Even though most publishers don’t yet have audiences big enough to sell on their own, they are finding Amazon to be a relatively permissive partner with Alexa, provided they stay in the lane of delivering news through what Amazon calls Flash Briefings. And they’re beginning to learn what works and what doesn’t.
“The opportunities are large going forward,” said Pat Higbie, the founder of Xappmedia, which has built over 40 active Alexa skills. “Where people are right now is trying to feel out what Amazon will allow.”
Amazon has changed its thinking on monetizing Alexa since its launch. At first, Amazon simply barred developers from using Alexa’s voice to read ad copy, and publishers got around that by having their Flash Briefing hosts read ads aloud.

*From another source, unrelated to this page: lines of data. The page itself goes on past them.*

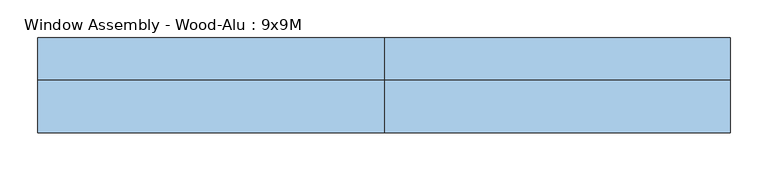
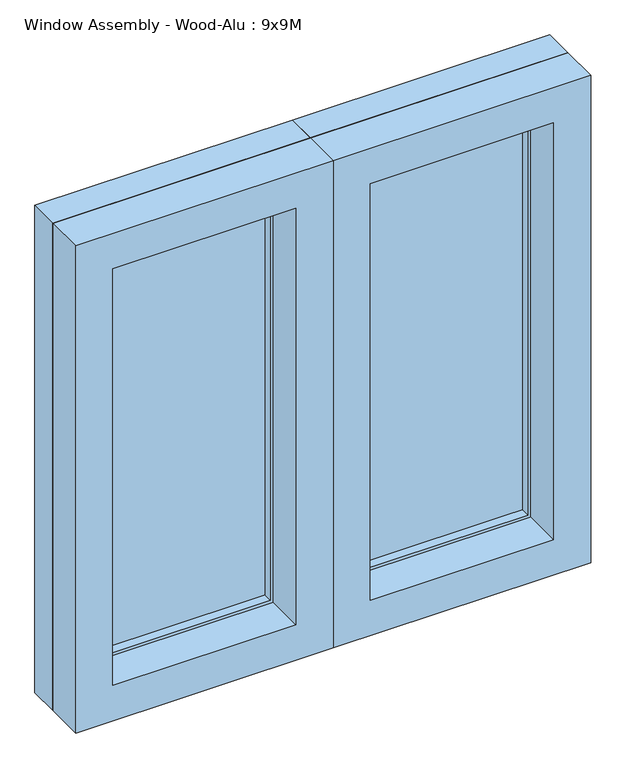
"""IFC4 building model written with IfcOpenShell, lengths in millimetres: window geometry, Window Assembly - Wood-Alu : 9x9M."""

from ifc_helpers import new_model, si_unit, frame, origin, place, context, project, spatial, polyline, outline, extrude, source, transform, mapped, element, save


def window_assembly_wood_alu_9x9m_7c5911af(model_context):
    return source(origin(), model_context, "Body", "SweptSolid", [
        extrude(outline(polyline([(1712.0, 0.0), (1712.0, -456.0), (800.0, -456.0), (800.0, 0.0), (1712.0, 0.0)]), holes=[polyline([(1641.0, -385.0), (1641.0, -71.0), (871.0, -71.0), (871.0, -385.0), (1641.0, -385.0)])]), frame((0.0, 129.0, 0.0), z_axis=(0.0, 1.0, 0.0), x_axis=(0.0, 0.0, 1.0)), (0.0, 0.0, 1.0), 55.0),
        extrude(outline(polyline([(1712.0, 0.0), (1712.0, -456.0), (800.0, -456.0), (800.0, 0.0), (1712.0, 0.0)]), holes=[polyline([(1646.0, -390.0), (1646.0, -66.0), (866.0, -66.0), (866.0, -390.0), (1646.0, -390.0)])]), frame((0.0, 59.0, 0.0), z_axis=(0.0, 1.0, 0.0), x_axis=(0.0, 0.0, 1.0)), (0.0, 0.0, 1.0), 70.0),
        extrude(outline(polyline([(-385.0, 145.5), (-385.0, 167.5), (-71.0, 167.5), (-71.0, 145.5), (-385.0, 145.5)])), frame((0.0, 0.0, 871.0), z_axis=(0.0, 0.0, 1.0), x_axis=(1.0, 0.0, 0.0)), (0.0, 0.0, 1.0), 770.0),
        extrude(outline(polyline([(1712.0, 0.0), (800.0, 0.0), (800.0, 456.0), (1712.0, 456.0), (1712.0, 0.0)]), holes=[polyline([(1641.0, 385.0), (871.0, 385.0), (871.0, 71.0), (1641.0, 71.0), (1641.0, 385.0)])]), frame((0.0, 129.0, 0.0), z_axis=(0.0, 1.0, 0.0), x_axis=(0.0, 0.0, 1.0)), (0.0, 0.0, 1.0), 55.0),
        extrude(outline(polyline([(1712.0, 0.0), (800.0, 0.0), (800.0, 456.0), (1712.0, 456.0), (1712.0, 0.0)]), holes=[polyline([(1646.0, 390.0), (866.0, 390.0), (866.0, 66.0), (1646.0, 66.0), (1646.0, 390.0)])]), frame((0.0, 59.0, 0.0), z_axis=(0.0, 1.0, 0.0), x_axis=(0.0, 0.0, 1.0)), (0.0, 0.0, 1.0), 70.0),
        extrude(outline(polyline([(385.0, 145.5), (71.0, 145.5), (71.0, 167.5), (385.0, 167.5), (385.0, 145.5)])), frame((0.0, 0.0, 871.0), z_axis=(0.0, 0.0, 1.0), x_axis=(1.0, 0.0, 0.0)), (0.0, 0.0, 1.0), 770.0),
    ])


if __name__ == "__main__":
    model = new_model("IFC4")
    model_context = context("Model", 3, world=origin())
    ifc_project = project(units=[si_unit("LENGTHUNIT", "METRE", prefix="MILLI")], contexts=[model_context])
    site = spatial("IfcSite", under=ifc_project)
    building = spatial("IfcBuilding", under=site)
    placement = place(None, origin())
    window_assembly_wood_alu_9x9m_shape = window_assembly_wood_alu_9x9m_7c5911af(model_context)
    element("IfcWindow", 1, ObjectType="Window Assembly - Wood-Alu : 9x9M", at=placement, inside=building, context=model_context, shape_type="MappedRepresentation", body=[
        mapped(window_assembly_wood_alu_9x9m_shape, transform((0.0, 0.0, 0.0), x_axis=(1.0, 0.0, 0.0), y_axis=(0.0, 1.0, 0.0), z_axis=(0.0, 0.0, 1.0))),
    ])
    save(model, "model.ifc")

# Revit data of these elements
# Type "Window Assembly - Wood-Alu : 9x9M"
#   Type Mark = "51"
#   Creator Organization [instance default] = "© Danish Educational Content"
#   Creator Name [instance default] = "© Erik Falck Jørgensen"
#   Creator Build [instance default] = "2017.0801.0"
#   Analytic Construction = "<None>"
#   length#5 = 132 mm
#   length#6 = 125 mm
#   length#7 = 456 mm
#   length#3 = 71 mm
#   length#8 = 912 mm
#   length#4 = 125 mm
#   Seal Width = 12 mm
#   length#2 = 66 mm
#   length#1 = 0 mm
#   Rough Width = 912 mm
#   Rough Height = 912 mm
#   Rebate Depth = 50 mm
#   Joining Width = 8 mm
#   Joining Depth = 62 mm
#   Height = 888 mm
#   Glass Thickness = 22 mm
#   Frame Width = 55 mm
#   Frame Depth = 55 mm
#   Exterior Direction [instance default] = 0.00°
#   Element Width = 440 mm
#   Default Sill Height = 800 mm
#   Width = 888 mm
#   Case Width = 50 mm
#   Case Depth = 70 mm
#   Sealing = no
#   Hinging = yes
#   Wall Closure = 1
#   Above Cutplane [instance default] = no
#   Glass = none
#   Frame/Mullion = none
#   Case/Transom = none
#   Assembly Code = ""
# Element 1 (IfcWindow, "Window Assembly - Wood-Alu : 9x9M")
#   Materials on its faces: "Default Frame/Mullion (Interior/Exterior)", "Glass"
# Materials
#   "Default Frame/Mullion (Interior/Exterior)": class "Generic", colour RGB 205 205 205, transparency 0, Description = "Udefineret karm/ramme materiale", Cost = 0
#   "Glass": class "Glass", colour RGB 180 200 255, transparency 0.75, Description = "Generisk glas", Cost = 0

Publishers including The Washington Post, HuffPost and Bloomberg began monetizing this way months ago, with The Washington Post starting last July.
In April, publishers (and advertisers) looking to take advantage of the Alexa devices’ interactive potential got a rude awakening. Amazon revised its rules to bar any ad that promoted third-party products or services, unless those ads were delivered in Flash Briefings, streaming music or radio skills.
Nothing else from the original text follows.